Wolf opened his eyes, tried to slow his breathing.

He had wanted to forget this. Had he succeeded well enough to mistake the scent of his old Pack? Did they smell differently because of his cure? Was the change in him? Or in them? Beyond doubt they were here. What did that mean for him? He pulled his lips back from his teeth.

“He is telling the truth. We can trust him.” The irony was so heavy he could taste it. What he had told them was indeed the truth, but certainly not all of it. Valory had spoken with the certainty of the Truthreader, of the Dragonborn. Was Valory Martin right? Could he be trusted? Could she know?

Could
he
know?

This was no part of his work, Wolf thought. The High Prince had given him a task and he should even now be about it, instead of lying here pretending to rest. But those he was to find, those who had chosen to hide themselves, they had been waiting long already; surely a short time more would not displease anyone?

While that same short time could be all he required to learn what he needed to know. The truth of the strange scents, the truth of the Pack, the truth of himself, if it came to that.

Surely the Dragonborn Prince, full of the fires of knowledge, would understand his need?

Wolf got to his feet. In his mind he pictured the room where they had sat drinking beer. He subtracted the bed behind him, the heavy curtains to his right and the window behind them. The thick wool
of the carpet beneath his feet, and the hard oak floor under it. He added a wide uncurtained window with cranking mechanisms to open the glass. A cushioned bench, a basket chair with matching cushions. Added a rectangular table made up of a streaked marble top resting on curving metal legs. Stiff woven matting on the floor, with panels of some strange wood composite beneath.

CRACK! And he was standing in the small room at the back of Valory’s house. Enough light bled in from the streetlamps outside that, even without Rider’s eyes, he would have been able to recognize the room and navigate within it. He held still, waiting to see if the noise of the displaced air brought any response from the Rider Graycloud, but there was no sound from anywhere else in the house.

And
there
was
her
scent. Now that he had a person to connect it to, he no longer smelled only the faint essence of Rider that had first drawn him to her. Now he knew the scent of warm vanilla that was Valory Martin, and no one else. A perfume in his nostrils. He followed it through the kitchen area with its cooking smells, so common here in the Shadowlands, the next room, narrow, with its long wooden table, glass-fronted cabinet full of patterned plates and drinking glasses. He could smell the traces of bone in one, and silver in the other. To his left was the staircase.

I knew that Wolf was in the house before the movement of air told me the door to my bedroom had been opened.
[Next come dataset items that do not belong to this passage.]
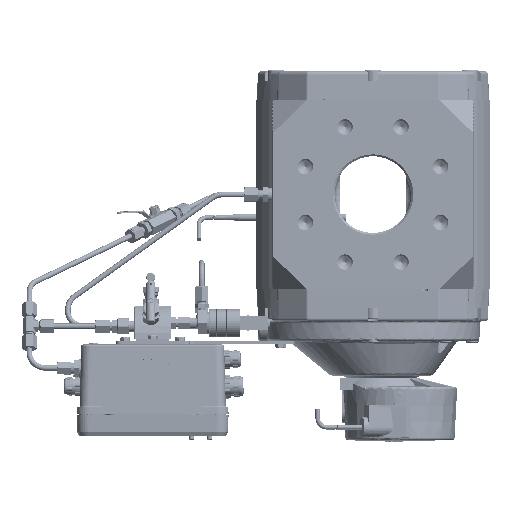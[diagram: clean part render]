
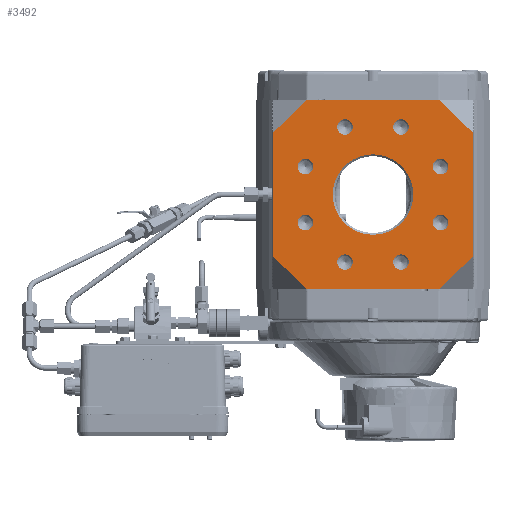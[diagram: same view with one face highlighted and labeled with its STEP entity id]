
A CAD part, front view. The second image highlights one B-rep face of the part: STEP entity #3492.
In plain terms, the highlighted planar face has unit normal (0, -1, 0).
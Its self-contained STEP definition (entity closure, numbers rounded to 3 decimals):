
#3492=ADVANCED_FACE('',(#91437,#91439,#91441,#91443,#91445,#91447,#91449,#91451,
#91453,#91455),#91457,.T.);
#91437=FACE_BOUND('',#91438,.T.);
#91438=EDGE_LOOP('',(#216925,#216926,#216927,#216928,#216929,#216930,#216931,#216932));
#91439=FACE_BOUND('',#91440,.T.);
#91440=EDGE_LOOP('',(#216933));
#91441=FACE_BOUND('',#91442,.T.);
#91442=EDGE_LOOP('',(#216934));
#91443=FACE_BOUND('',#91444,.T.);
#91444=EDGE_LOOP('',(#216935));
#91445=FACE_BOUND('',#91446,.T.);
#91446=EDGE_LOOP('',(#216936));
#91447=FACE_BOUND('',#91448,.T.);
#91448=EDGE_LOOP('',(#216937));
#91449=FACE_BOUND('',#91450,.T.);
#91450=EDGE_LOOP('',(#216938));
#91451=FACE_BOUND('',#91452,.T.);
#91452=EDGE_LOOP('',(#216939));
#91453=FACE_BOUND('',#91454,.T.);
#91454=EDGE_LOOP('',(#216940));
#91455=FACE_BOUND('',#91456,.T.);
#91456=EDGE_LOOP('',(#216941));
#91457=PLANE('',#91458);
#91458=AXIS2_PLACEMENT_3D('',#91459,#91460,#91461);
#91459=CARTESIAN_POINT('',(-160.843,-120.5,-211.));
#91460=DIRECTION('',(0.,-1.,0.));
#91461=DIRECTION('',(1.,0.,0.));
#216925=ORIENTED_EDGE('',*,*,#273095,.T.);
#216926=ORIENTED_EDGE('',*,*,#273096,.F.);
#216927=ORIENTED_EDGE('',*,*,#272911,.T.);
#216928=ORIENTED_EDGE('',*,*,#272662,.F.);
#216929=ORIENTED_EDGE('',*,*,#273075,.T.);
#216930=ORIENTED_EDGE('',*,*,#273097,.F.);
#216931=ORIENTED_EDGE('',*,*,#273098,.T.);
#216932=ORIENTED_EDGE('',*,*,#272715,.T.);
#216933=ORIENTED_EDGE('',*,*,#273099,.T.);
#216934=ORIENTED_EDGE('',*,*,#273100,.T.);
#216935=ORIENTED_EDGE('',*,*,#273101,.T.);
#216936=ORIENTED_EDGE('',*,*,#273102,.T.);
#216937=ORIENTED_EDGE('',*,*,#273103,.T.);
#216938=ORIENTED_EDGE('',*,*,#273104,.T.);
#216939=ORIENTED_EDGE('',*,*,#273105,.T.);
#216940=ORIENTED_EDGE('',*,*,#273106,.T.);
#216941=ORIENTED_EDGE('',*,*,#273107,.T.);
#272662=EDGE_CURVE('',#296715,#296447,#296717,.T.);
#272715=EDGE_CURVE('',#296820,#296818,#296821,.F.);
#272911=EDGE_CURVE('',#297182,#296447,#297183,.T.);
#273075=EDGE_CURVE('',#296715,#297375,#297376,.T.);
#273095=EDGE_CURVE('',#296818,#297414,#297415,.F.);
#273096=EDGE_CURVE('',#297182,#297414,#297416,.F.);
#273097=EDGE_CURVE('',#297417,#297375,#297418,.T.);
#273098=EDGE_CURVE('',#297417,#296820,#297419,.F.);
#273099=EDGE_CURVE('',#297420,#297420,#297421,.F.);
#273100=EDGE_CURVE('',#297422,#297422,#297423,.F.);
#273101=EDGE_CURVE('',#297424,#297424,#297425,.F.);
#273102=EDGE_CURVE('',#297426,#297426,#297427,.F.);
#273103=EDGE_CURVE('',#297428,#297428,#297429,.F.);
#273104=EDGE_CURVE('',#297430,#297430,#297431,.T.);
#273105=EDGE_CURVE('',#297432,#297432,#297433,.F.);
#273106=EDGE_CURVE('',#297434,#297434,#297435,.F.);
#273107=EDGE_CURVE('',#297436,#297436,#297437,.F.);
#296447=VERTEX_POINT('',#336895);
#296715=VERTEX_POINT('',#337559);
#296717=LINE('',#337563,#337564);
#296818=VERTEX_POINT('',#337862);
#296820=VERTEX_POINT('',#337866);
#296821=LINE('',#337867,#337868);
#297182=VERTEX_POINT('',#339537);
#297183=LINE('',#339538,#339539);
#297375=VERTEX_POINT('',#340533);
#297376=LINE('',#340534,#340535);
#297414=VERTEX_POINT('',#340631);
#297415=LINE('',#340632,#340633);
#297416=LINE('',#340635,#340636);
#297417=VERTEX_POINT('',#340638);
#297418=LINE('',#340639,#340640);
#297419=LINE('',#340642,#340643);
#297420=VERTEX_POINT('',#340645);
#297421=CIRCLE('',#340646,8.5);
#297422=VERTEX_POINT('',#340650);
#297423=CIRCLE('',#340651,8.5);
#297424=VERTEX_POINT('',#340655);
#297425=CIRCLE('',#340656,8.5);
#297426=VERTEX_POINT('',#340660);
#297427=CIRCLE('',#340661,8.5);
#297428=VERTEX_POINT('',#340665);
#297429=CIRCLE('',#340666,8.5);
#297430=VERTEX_POINT('',#340670);
#297431=CIRCLE('',#340671,44.);
#297432=VERTEX_POINT('',#340675);
#297433=CIRCLE('',#340676,8.5);
#297434=VERTEX_POINT('',#340680);
#297435=CIRCLE('',#340681,8.5);
#297436=VERTEX_POINT('',#340685);
#297437=CIRCLE('',#340686,8.5);
#336895=CARTESIAN_POINT('',(73.003,-120.5,0.));
#337559=CARTESIAN_POINT('',(-73.,-120.5,0.));
#337563=CARTESIAN_POINT('',(-73.,-120.5,0.));
#337564=VECTOR('',#337565,1.);
#337565=DIRECTION('',(1.,0.,0.));
#337862=CARTESIAN_POINT('',(73.003,-120.5,-206.));
#337866=CARTESIAN_POINT('',(-73.,-120.5,-206.));
#337867=CARTESIAN_POINT('',(73.003,-120.5,-206.));
#337868=VECTOR('',#337869,1.);
#337869=DIRECTION('',(-1.,0.,0.));
#339537=CARTESIAN_POINT('',(108.957,-120.5,-35.082));
#339538=CARTESIAN_POINT('',(108.957,-120.5,-35.082));
#339539=VECTOR('',#339540,1.);
#339540=DIRECTION('',(-0.716,0.,0.698));
#340533=CARTESIAN_POINT('',(-108.957,-120.5,-35.086));
#340534=CARTESIAN_POINT('',(-73.,-120.5,0.));
#340535=VECTOR('',#340536,1.);
#340536=DIRECTION('',(-0.716,0.,-0.698));
#340631=CARTESIAN_POINT('',(108.957,-120.5,-170.918));
#340632=CARTESIAN_POINT('',(108.957,-120.5,-170.918));
#340633=VECTOR('',#340634,1.);
#340634=DIRECTION('',(-0.716,0.,-0.698));
#340635=CARTESIAN_POINT('',(108.957,-120.5,-170.918));
#340636=VECTOR('',#340637,1.);
#340637=DIRECTION('',(0.,0.,1.));
#340638=CARTESIAN_POINT('',(-108.957,-120.5,-170.914));
#340639=CARTESIAN_POINT('',(-108.957,-120.5,-170.914));
#340640=VECTOR('',#340641,1.);
#340641=DIRECTION('',(0.,0.,1.));
#340642=CARTESIAN_POINT('',(-73.,-120.5,-206.));
#340643=VECTOR('',#340644,1.);
#340644=DIRECTION('',(-0.716,0.,0.698));
#340645=CARTESIAN_POINT('',(-24.607,-120.5,-23.097));
#340646=AXIS2_PLACEMENT_3D('',#340647,#340648,#340649);
#340647=CARTESIAN_POINT('',(-30.618,-120.5,-29.107));
#340648=DIRECTION('',(0.,-1.,0.));
#340649=DIRECTION('',(0.707,0.,0.707));
#340650=CARTESIAN_POINT('',(-79.903,-120.5,-127.607));
#340651=AXIS2_PLACEMENT_3D('',#340652,#340653,#340654);
#340652=CARTESIAN_POINT('',(-73.893,-120.5,-133.618));
#340653=DIRECTION('',(0.,-1.,0.));
#340654=DIRECTION('',(-0.707,0.,0.707));
#340655=CARTESIAN_POINT('',(24.607,-120.5,-182.903));
#340656=AXIS2_PLACEMENT_3D('',#340657,#340658,#340659);
#340657=CARTESIAN_POINT('',(30.618,-120.5,-176.893));
#340658=DIRECTION('',(0.,-1.,0.));
#340659=DIRECTION('',(-0.707,0.,-0.707));
#340660=CARTESIAN_POINT('',(79.903,-120.5,-78.393));
#340661=AXIS2_PLACEMENT_3D('',#340662,#340663,#340664);
#340662=CARTESIAN_POINT('',(73.893,-120.5,-72.382));
#340663=DIRECTION('',(0.,-1.,0.));
#340664=DIRECTION('',(0.707,0.,-0.707));
#340665=CARTESIAN_POINT('',(39.1,-120.5,-29.1));
#340666=AXIS2_PLACEMENT_3D('',#340667,#340668,#340669);
#340667=CARTESIAN_POINT('',(30.6,-120.5,-29.1));
#340668=DIRECTION('',(0.,-1.,0.));
#340669=DIRECTION('',(1.,0.,0.));
#340670=CARTESIAN_POINT('',(-44.,-120.5,-103.));
#340671=AXIS2_PLACEMENT_3D('',#340672,#340673,#340674);
#340672=CARTESIAN_POINT('',(0.,-120.5,-103.));
#340673=DIRECTION('',(0.,1.,0.));
#340674=DIRECTION('',(-1.,0.,0.));
#340675=CARTESIAN_POINT('',(73.9,-120.5,-142.1));
#340676=AXIS2_PLACEMENT_3D('',#340677,#340678,#340679);
#340677=CARTESIAN_POINT('',(73.9,-120.5,-133.6));
#340678=DIRECTION('',(0.,-1.,0.));
#340679=DIRECTION('',(0.,0.,-1.));
#340680=CARTESIAN_POINT('',(-39.1,-120.5,-176.9));
#340681=AXIS2_PLACEMENT_3D('',#340682,#340683,#340684);
#340682=CARTESIAN_POINT('',(-30.6,-120.5,-176.9));
#340683=DIRECTION('',(0.,-1.,0.));
#340684=DIRECTION('',(-1.,0.,0.));
#340685=CARTESIAN_POINT('',(-73.9,-120.5,-63.9));
#340686=AXIS2_PLACEMENT_3D('',#340687,#340688,#340689);
#340687=CARTESIAN_POINT('',(-73.9,-120.5,-72.4));
#340688=DIRECTION('',(0.,-1.,0.));
#340689=DIRECTION('',(0.,0.,1.));
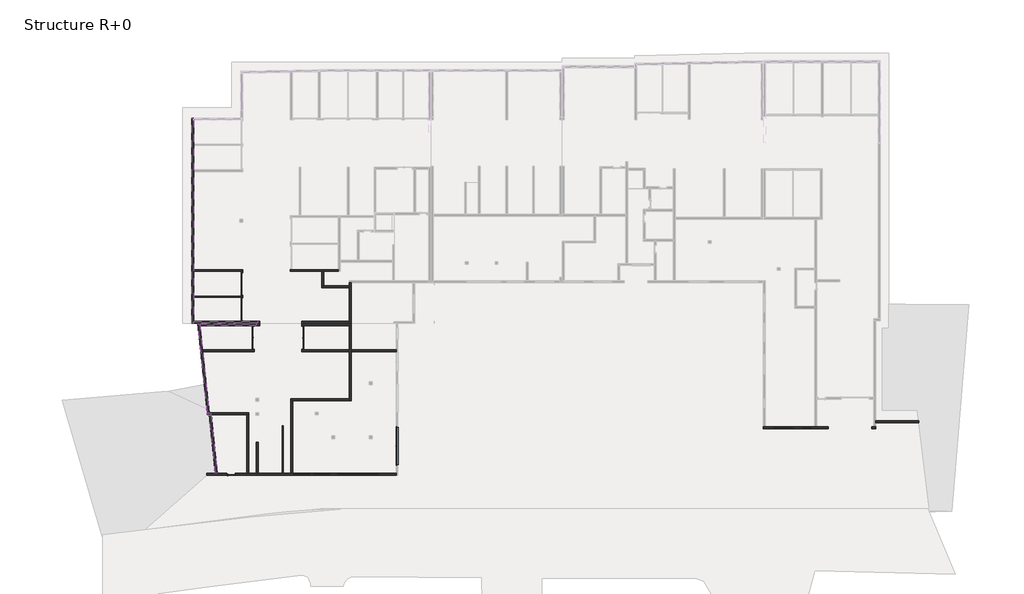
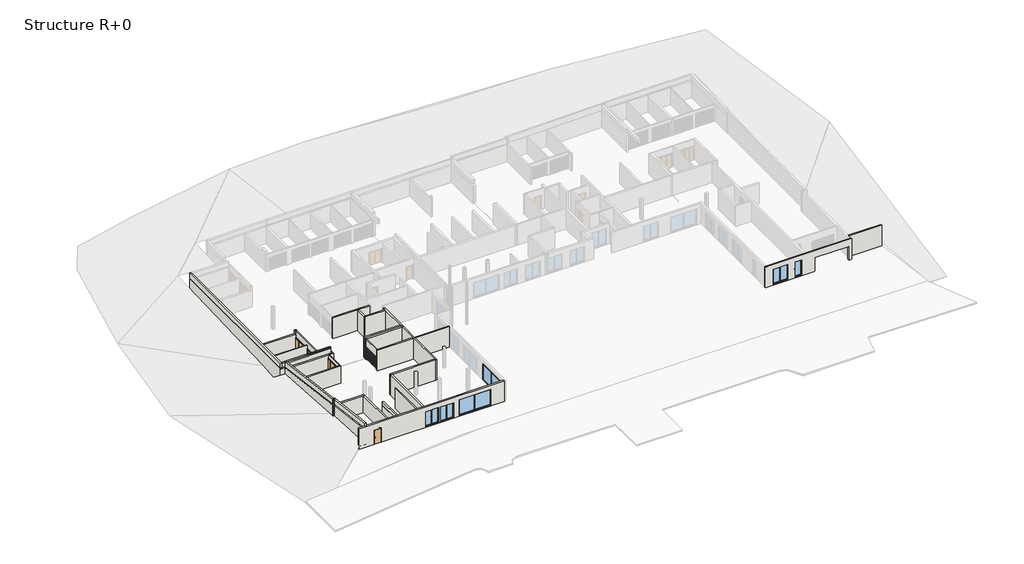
# One storey, part 1 of 5: 34 walls, 6 windows, 5 doors.
"""IFC4 building model written with IfcOpenShell, lengths in millimetres."""

from ifc_helpers import new_model, si_unit, frame, origin, origin_with_axes, place, context, project, spatial, polyline, outline, extrude, faceted_brep, transform, mapped, element, save
from components import door_2_4m_x_2m_ca442cef, hb_simple_930_x_2040_mm_eef520c9, window_0_90m_x_2_25m_cf4a88c4, window_1_80m_x_2_25m_241c93e5, window_2m_x_2_25m_73eb5746, window_4_05m_x_2_35m_2_aa9c86cb, window_4_40m_x_2_35m_32ff79ff

model = new_model("IFC4")

# Units and contexts
model_context = context("Model", 3, world=origin())
ifc_project = project(units=[si_unit("LENGTHUNIT", "METRE", prefix="MILLI")], contexts=[model_context])

# Site, building, storey
site = spatial("IfcSite", under=ifc_project)
building = spatial("IfcBuilding", under=site)
storey = spatial("IfcBuildingStorey", under=building, Name="Structure R+0", Elevation=0.0)

# Doors
placement = place(None, origin())
door_2_4m_x_2m_shape = door_2_4m_x_2m_ca442cef(model_context)
element("IfcDoor", 1, ObjectType="Garage basculante : 2.4m x 2m", at=placement, inside=storey, context=model_context, shape_type="MappedRepresentation", body=[
    mapped(door_2_4m_x_2m_shape, transform((4050.4601588, 14310.0010954, 0.0), x_axis=(0.0, -1.0, 0.0), y_axis=(1.0, 0.0, 0.0), z_axis=(0.0, 0.0, 1.0))),
])
element("IfcDoor", 2, ObjectType="Garage basculante : 2.4m x 2m", at=placement, inside=storey, context=model_context, shape_type="MappedRepresentation", body=[
    mapped(door_2_4m_x_2m_shape, transform((4050.4601588, 11597.9170713, 0.0), x_axis=(0.0, -1.0, 0.0), y_axis=(1.0, 0.0, 0.0), z_axis=(0.0, 0.0, 1.0))),
])
element("IfcDoor", 3, ObjectType="Garage basculante : 2.4m x 2m", at=placement, inside=storey, context=model_context, shape_type="MappedRepresentation", body=[
    mapped(door_2_4m_x_2m_shape, transform((5252.8107901, 8563.0029899, 0.0), x_axis=(0.0, -1.0, 0.0), y_axis=(1.0, 0.0, 0.0), z_axis=(0.0, 0.0, 1.0))),
])
element("IfcDoor", 4, ObjectType="Garage basculante : 2.4m x 2m", at=placement, inside=storey, context=model_context, shape_type="MappedRepresentation", body=[
    mapped(door_2_4m_x_2m_shape, transform((9766.2156554, 8582.0080739, 0.0), x_axis=(0.0, 1.0, 0.0), y_axis=(-1.0, 0.0, 0.0), z_axis=(0.0, 0.0, 1.0))),
])
hb_simple_930_x_2040_mm_shape = hb_simple_930_x_2040_mm_eef520c9(model_context)
element("IfcDoor", 5, ObjectType="HB-Simple : 930 x 2040 mm", at=placement, inside=storey, context=model_context, shape_type="MappedRepresentation", body=[
    mapped(hb_simple_930_x_2040_mm_shape, transform((2482.6863548, -6005.1620119, 0.0), x_axis=(1.0, 0.0, 0.0), y_axis=(0.0, 1.0, 0.0), z_axis=(0.0, 0.0, 1.0))),
])

# Walls
element("IfcWall", 6, ObjectType="Voile BA 20 + etancheite 1 + 2 enduit", at=placement, inside=storey, context=model_context, shape_type="Brep", body=[
    faceted_brep([(174.1388085, 528.6115605, 2710.0), (-806.1527327, 9855.4625547, 2710.0), (-828.2246221, 10065.4625547, 2710.0), (-828.2246221, 10065.4625547, 3330.0), (-828.2246221, 10065.4625547, 3410.0), (174.1388085, 528.6115605, 3410.0), (-37.0179302, 528.6115605, 2710.0), (-37.0179302, 528.6115605, 3410.0), (-1039.3813608, 10065.4625547, 3410.0), (-1039.3813608, 10065.4625547, 2710.0)], [[[0, 1, 2, 3, 4, 5]], [[6, 7, 8, 9]], [[2, 1, 0, 6, 9]], [[5, 4, 8, 7]], [[0, 5, 7, 6]], [[4, 3, 2, 9, 8]]]),
])
element("IfcWall", 7, ObjectType="Voile BA 20 + etancheite 1 + 2 enduit", at=placement, inside=storey, context=model_context, shape_type="Brep", body=[
    faceted_brep([(-14.9460408, 318.6115605, 2710.0), (164.2799074, 318.6115605, 2710.0), (375.4398241, 318.6115605, 2710.0), (375.4398241, 318.6115605, 3410.0), (164.2799074, 318.6115605, 3410.0), (-14.9460408, 318.6115605, 3410.0), (-37.0179302, 528.6115605, 2710.0), (-37.0179302, 528.6115605, 3410.0), (174.1388085, 528.6115605, 3410.0), (353.337552, 528.6115605, 3410.0), (353.337552, 528.6115605, 2710.0), (174.1388085, 528.6115605, 2710.0)], [[[0, 1, 2, 3, 4, 5]], [[6, 7, 8, 9, 10, 11]], [[2, 1, 0, 6, 11, 10]], [[5, 4, 3, 9, 8, 7]], [[0, 5, 7, 6]], [[3, 2, 10, 9]]]),
])
element("IfcWall", 8, ObjectType="Voile BA 20 + etancheite 1 + 2 enduit", at=placement, inside=storey, context=model_context, shape_type="Brep", body=[
    faceted_brep([(-1473.0020232, 10125.465256, 2710.0), (-1473.0020232, 10335.465256, 2710.0), (-1473.0020232, 31818.092309, 2710.0), (-1473.0020232, 32028.092309, 2710.0), (-1473.0020232, 32028.092309, 3410.0), (-1473.0020232, 31818.092309, 3410.0), (-1473.0020232, 10125.465256, 3410.0), (-1473.0020232, 10125.465256, 3330.0), (-1683.0020232, 10125.465256, 2710.0), (-1683.0020232, 10125.465256, 3410.0), (-1683.0020232, 32028.092309, 3410.0), (-1683.0020232, 32028.092309, 2710.0)], [[[0, 1, 2, 3, 4, 5, 6, 7]], [[8, 9, 10, 11]], [[3, 2, 1, 0, 8, 11]], [[6, 5, 4, 10, 9]], [[4, 3, 11, 10]], [[0, 7, 6, 9, 8]]]),
])
element("IfcWall", 9, ObjectType="Voile BA 20 + etancheite 1 + 0 enduit", at=placement, inside=storey, context=model_context, shape_type="Brep", body=[
    faceted_brep([(-806.1527327, 9855.4625547, 2710.0), (5184.2512184, 9855.4625547, 2710.0), (5184.2512184, 9855.4625547, 2720.0), (5184.2512184, 9855.4625547, 3030.0), (5184.2512184, 9855.4625547, 3320.0), (5184.2512184, 9855.4625547, 3330.0), (-806.1527327, 9855.4625547, 3330.0), (-828.2246221, 10065.4625547, 2710.0), (-828.2246221, 10065.4625547, 3330.0), (5184.2512184, 10065.4625547, 3330.0), (5184.2512184, 10065.4625547, 2710.0)], [[[0, 1, 2, 3, 4, 5, 6]], [[7, 8, 9, 10]], [[1, 0, 7, 10]], [[6, 5, 9, 8]], [[5, 4, 3, 2, 1, 10, 9]], [[0, 6, 8, 7]]]),
])
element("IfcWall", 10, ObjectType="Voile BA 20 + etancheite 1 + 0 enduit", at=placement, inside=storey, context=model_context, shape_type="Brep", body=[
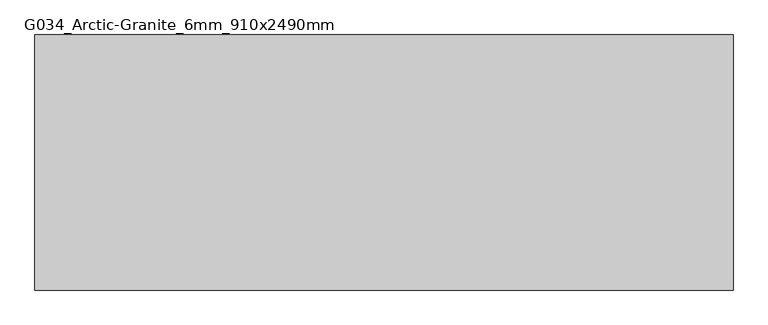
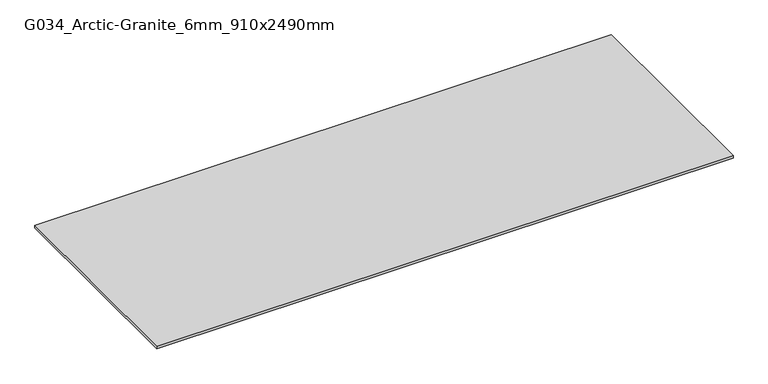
"""IFC4 building model written with IfcOpenShell, lengths in millimetres: proxy geometry, Kitchen_Counter-Tops_Indoor-Materials_HIMACS_Granite : G034_Arctic-Granite_6mm_910x2490mm."""

from ifc_helpers import new_model, si_unit, origin, origin_with_axes, place, context, project, spatial, polyline, outline, extrude, source, transform, mapped, element, save


def g034_arctic_granite_6mm_910x2490mm_29e5721c(model_context):
    return source(origin(), model_context, "Body", "SweptSolid", [
        extrude(outline(polyline([(1245.0, 455.0), (1245.0, -455.0), (-1245.0, -455.0), (-1245.0, 455.0), (1245.0, 455.0)])), origin_with_axes(), (0.0, 0.0, 1.0), 12.0),
    ])


if __name__ == "__main__":
    model = new_model("IFC4")
    model_context = context("Model", 3, world=origin())
    ifc_project = project(units=[si_unit("LENGTHUNIT", "METRE", prefix="MILLI")], contexts=[model_context])
    site = spatial("IfcSite", under=ifc_project)
    building = spatial("IfcBuilding", under=site)
    placement = place(None, origin())
    g034_arctic_granite_6mm_910x2490mm_shape = g034_arctic_granite_6mm_910x2490mm_29e5721c(model_context)
    element("IfcBuildingElementProxy", 1, Name="Kitchen_Counter-Tops_Indoor-Materials_HIMACS_Granite : G034_Arctic-Granite_6mm_910x2490mm", ObjectType="Kitchen_Counter-Tops_Indoor-Materials_HIMACS_Granite : G034_Arctic-Granite_6mm_910x2490mm", at=placement, inside=building, context=model_context, shape_type="MappedRepresentation", body=[
        mapped(g034_arctic_granite_6mm_910x2490mm_shape, transform((0.0, 0.0, 0.0), x_axis=(1.0, 0.0, 0.0), y_axis=(0.0, 1.0, 0.0), z_axis=(0.0, 0.0, 1.0))),
    ])
    save(model, "model.ifc")

He hadn’t made any noise that I could hear, but I’d known he was there just the same. I let him get all the way into the room, and close the door behind him before I turned on the reading lamp next to my bed.

I blinked, and not just at the light. For a second I actually couldn’t remember whether I’d ever seen a man naked before—and then I realized that of
course
I would have remembered. This wasn’t something I could ever forget. I decided not to say anything.
Think about how pale his eyes are,
I told myself. Not dark like Nik’s.
Okay, don’t think about Nik either
.

He saw that I was awake, but he didn’t say anything, just stood there with his brow furrowed, and his lips in a thin line, as if wondering why he was there. I put my finger to my lips, but his eyes only narrowed, and I realized that he didn’t understand me. I made a mental note that the meaning of that particular gesture didn’t carry
over to the People. I signaled him to come closer—that gesture was apparently the same—and tried to keep my eyes above his waist. A girl can be curious, but there’s a time and place for everything.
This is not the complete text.